> _Work instructions_: Keep the text of the data exactly as it is and omit each picture from the copy.
········
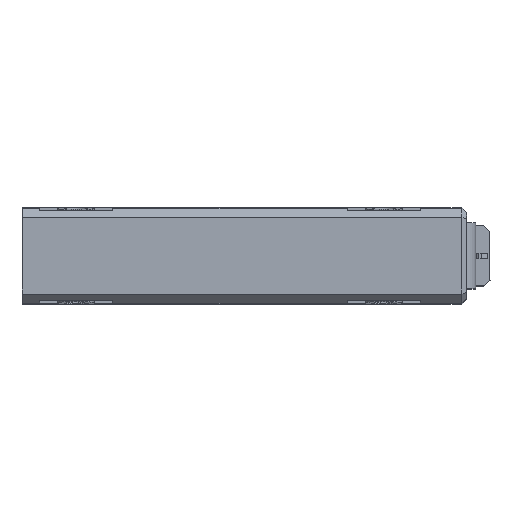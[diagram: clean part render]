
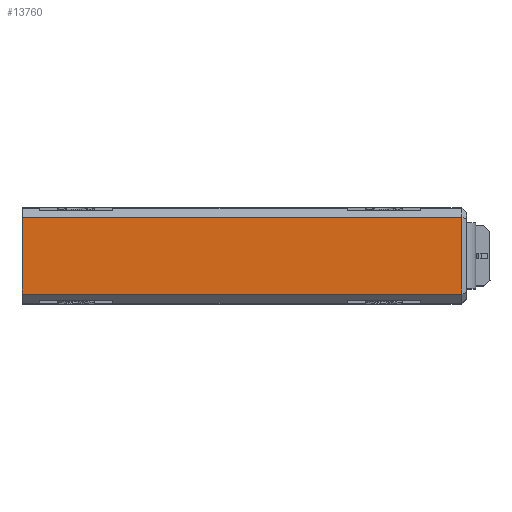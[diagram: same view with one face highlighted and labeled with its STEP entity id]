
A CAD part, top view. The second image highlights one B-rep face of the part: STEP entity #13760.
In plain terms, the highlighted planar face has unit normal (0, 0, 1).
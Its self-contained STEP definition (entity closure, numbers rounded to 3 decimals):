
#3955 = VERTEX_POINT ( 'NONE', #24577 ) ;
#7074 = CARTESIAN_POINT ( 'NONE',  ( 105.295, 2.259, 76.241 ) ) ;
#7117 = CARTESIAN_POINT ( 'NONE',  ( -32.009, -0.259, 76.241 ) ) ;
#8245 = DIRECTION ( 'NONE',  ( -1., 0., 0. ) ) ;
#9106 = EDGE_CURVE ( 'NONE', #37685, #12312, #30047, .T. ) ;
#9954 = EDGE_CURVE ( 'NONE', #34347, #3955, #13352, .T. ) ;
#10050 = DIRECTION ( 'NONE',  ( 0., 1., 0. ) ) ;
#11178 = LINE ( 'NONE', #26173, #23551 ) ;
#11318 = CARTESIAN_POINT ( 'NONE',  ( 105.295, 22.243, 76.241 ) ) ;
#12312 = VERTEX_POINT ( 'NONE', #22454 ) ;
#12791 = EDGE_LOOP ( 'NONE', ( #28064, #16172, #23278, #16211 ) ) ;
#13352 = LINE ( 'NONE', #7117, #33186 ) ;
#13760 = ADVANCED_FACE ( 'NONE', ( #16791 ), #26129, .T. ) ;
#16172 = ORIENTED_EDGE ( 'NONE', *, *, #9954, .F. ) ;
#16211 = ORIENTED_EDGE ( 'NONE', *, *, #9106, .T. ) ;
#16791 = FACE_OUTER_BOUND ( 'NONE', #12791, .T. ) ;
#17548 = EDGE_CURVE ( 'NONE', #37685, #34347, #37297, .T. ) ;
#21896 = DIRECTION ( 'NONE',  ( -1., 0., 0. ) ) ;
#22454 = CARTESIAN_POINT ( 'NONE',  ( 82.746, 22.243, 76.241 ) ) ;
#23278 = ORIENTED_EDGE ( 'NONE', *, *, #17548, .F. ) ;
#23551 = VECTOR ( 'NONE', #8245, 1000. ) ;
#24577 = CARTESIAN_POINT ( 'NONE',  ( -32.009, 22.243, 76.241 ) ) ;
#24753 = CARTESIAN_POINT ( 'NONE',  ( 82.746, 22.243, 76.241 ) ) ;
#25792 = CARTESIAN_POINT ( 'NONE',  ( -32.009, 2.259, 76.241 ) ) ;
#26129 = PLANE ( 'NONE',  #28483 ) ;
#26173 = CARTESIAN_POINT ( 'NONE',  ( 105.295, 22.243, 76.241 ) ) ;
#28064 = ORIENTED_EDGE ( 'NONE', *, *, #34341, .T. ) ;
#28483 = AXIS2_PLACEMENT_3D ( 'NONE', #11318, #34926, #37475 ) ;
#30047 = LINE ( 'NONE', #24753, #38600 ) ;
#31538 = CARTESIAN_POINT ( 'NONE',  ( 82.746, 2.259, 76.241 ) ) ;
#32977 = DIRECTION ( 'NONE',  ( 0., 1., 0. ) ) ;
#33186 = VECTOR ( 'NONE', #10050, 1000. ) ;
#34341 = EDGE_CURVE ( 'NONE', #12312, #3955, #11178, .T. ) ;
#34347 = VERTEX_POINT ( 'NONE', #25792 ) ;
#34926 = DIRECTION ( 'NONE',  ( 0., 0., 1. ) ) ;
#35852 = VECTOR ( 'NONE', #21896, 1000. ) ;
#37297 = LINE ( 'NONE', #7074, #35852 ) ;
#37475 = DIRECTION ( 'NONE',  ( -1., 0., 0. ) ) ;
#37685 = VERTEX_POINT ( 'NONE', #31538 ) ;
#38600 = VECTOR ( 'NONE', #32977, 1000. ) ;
········
> _Solution for this problem_:
[diagram: clean part render]
[diagram: same view with one face highlighted and labeled with its STEP entity id]
A CAD part, top view. The second image highlights one B-rep face of the part: STEP entity #13760.
In plain terms, the highlighted planar face has unit normal (0, 0, 1).
Its self-contained STEP definition (entity closure, numbers rounded to 3 decimals):
#3955 = VERTEX_POINT ( 'NONE', #24577 ) ;
#7074 = CARTESIAN_POINT ( 'NONE',  ( 105.295, 2.259, 76.241 ) ) ;
#7117 = CARTESIAN_POINT ( 'NONE',  ( -32.009, -0.259, 76.241 ) ) ;
#8245 = DIRECTION ( 'NONE',  ( -1., 0., 0. ) ) ;
#9106 = EDGE_CURVE ( 'NONE', #37685, #12312, #30047, .T. ) ;
#9954 = EDGE_CURVE ( 'NONE', #34347, #3955, #13352, .T. ) ;
#10050 = DIRECTION ( 'NONE',  ( 0., 1., 0. ) ) ;
#11178 = LINE ( 'NONE', #26173, #23551 ) ;
#11318 = CARTESIAN_POINT ( 'NONE',  ( 105.295, 22.243, 76.241 ) ) ;
#12312 = VERTEX_POINT ( 'NONE', #22454 ) ;
#12791 = EDGE_LOOP ( 'NONE', ( #28064, #16172, #23278, #16211 ) ) ;
#13352 = LINE ( 'NONE', #7117, #33186 ) ;
#13760 = ADVANCED_FACE ( 'NONE', ( #16791 ), #26129, .T. ) ;
#16172 = ORIENTED_EDGE ( 'NONE', *, *, #9954, .F. ) ;
#16211 = ORIENTED_EDGE ( 'NONE', *, *, #9106, .T. ) ;
#16791 = FACE_OUTER_BOUND ( 'NONE', #12791, .T. ) ;
#17548 = EDGE_CURVE ( 'NONE', #37685, #34347, #37297, .T. ) ;
#21896 = DIRECTION ( 'NONE',  ( -1., 0., 0. ) ) ;
#22454 = CARTESIAN_POINT ( 'NONE',  ( 82.746, 22.243, 76.241 ) ) ;
#23278 = ORIENTED_EDGE ( 'NONE', *, *, #17548, .F. ) ;
#23551 = VECTOR ( 'NONE', #8245, 1000. ) ;
#24577 = CARTESIAN_POINT ( 'NONE',  ( -32.009, 22.243, 76.241 ) ) ;
#24753 = CARTESIAN_POINT ( 'NONE',  ( 82.746, 22.243, 76.241 ) ) ;
#25792 = CARTESIAN_POINT ( 'NONE',  ( -32.009, 2.259, 76.241 ) ) ;
#26129 = PLANE ( 'NONE',  #28483 ) ;
#26173 = CARTESIAN_POINT ( 'NONE',  ( 105.295, 22.243, 76.241 ) ) ;
#28064 = ORIENTED_EDGE ( 'NONE', *, *, #34341, .T. ) ;
#28483 = AXIS2_PLACEMENT_3D ( 'NONE', #11318, #34926, #37475 ) ;
#30047 = LINE ( 'NONE', #24753, #38600 ) ;
#31538 = CARTESIAN_POINT ( 'NONE',  ( 82.746, 2.259, 76.241 ) ) ;
#32977 = DIRECTION ( 'NONE',  ( 0., 1., 0. ) ) ;
#33186 = VECTOR ( 'NONE', #10050, 1000. ) ;
#34341 = EDGE_CURVE ( 'NONE', #12312, #3955, #11178, .T. ) ;
#34347 = VERTEX_POINT ( 'NONE', #25792 ) ;
#34926 = DIRECTION ( 'NONE',  ( 0., 0., 1. ) ) ;
#35852 = VECTOR ( 'NONE', #21896, 1000. ) ;
#37297 = LINE ( 'NONE', #7074, #35852 ) ;
#37475 = DIRECTION ( 'NONE',  ( -1., 0., 0. ) ) ;
#37685 = VERTEX_POINT ( 'NONE', #31538 ) ;
#38600 = VECTOR ( 'NONE', #32977, 1000. ) ;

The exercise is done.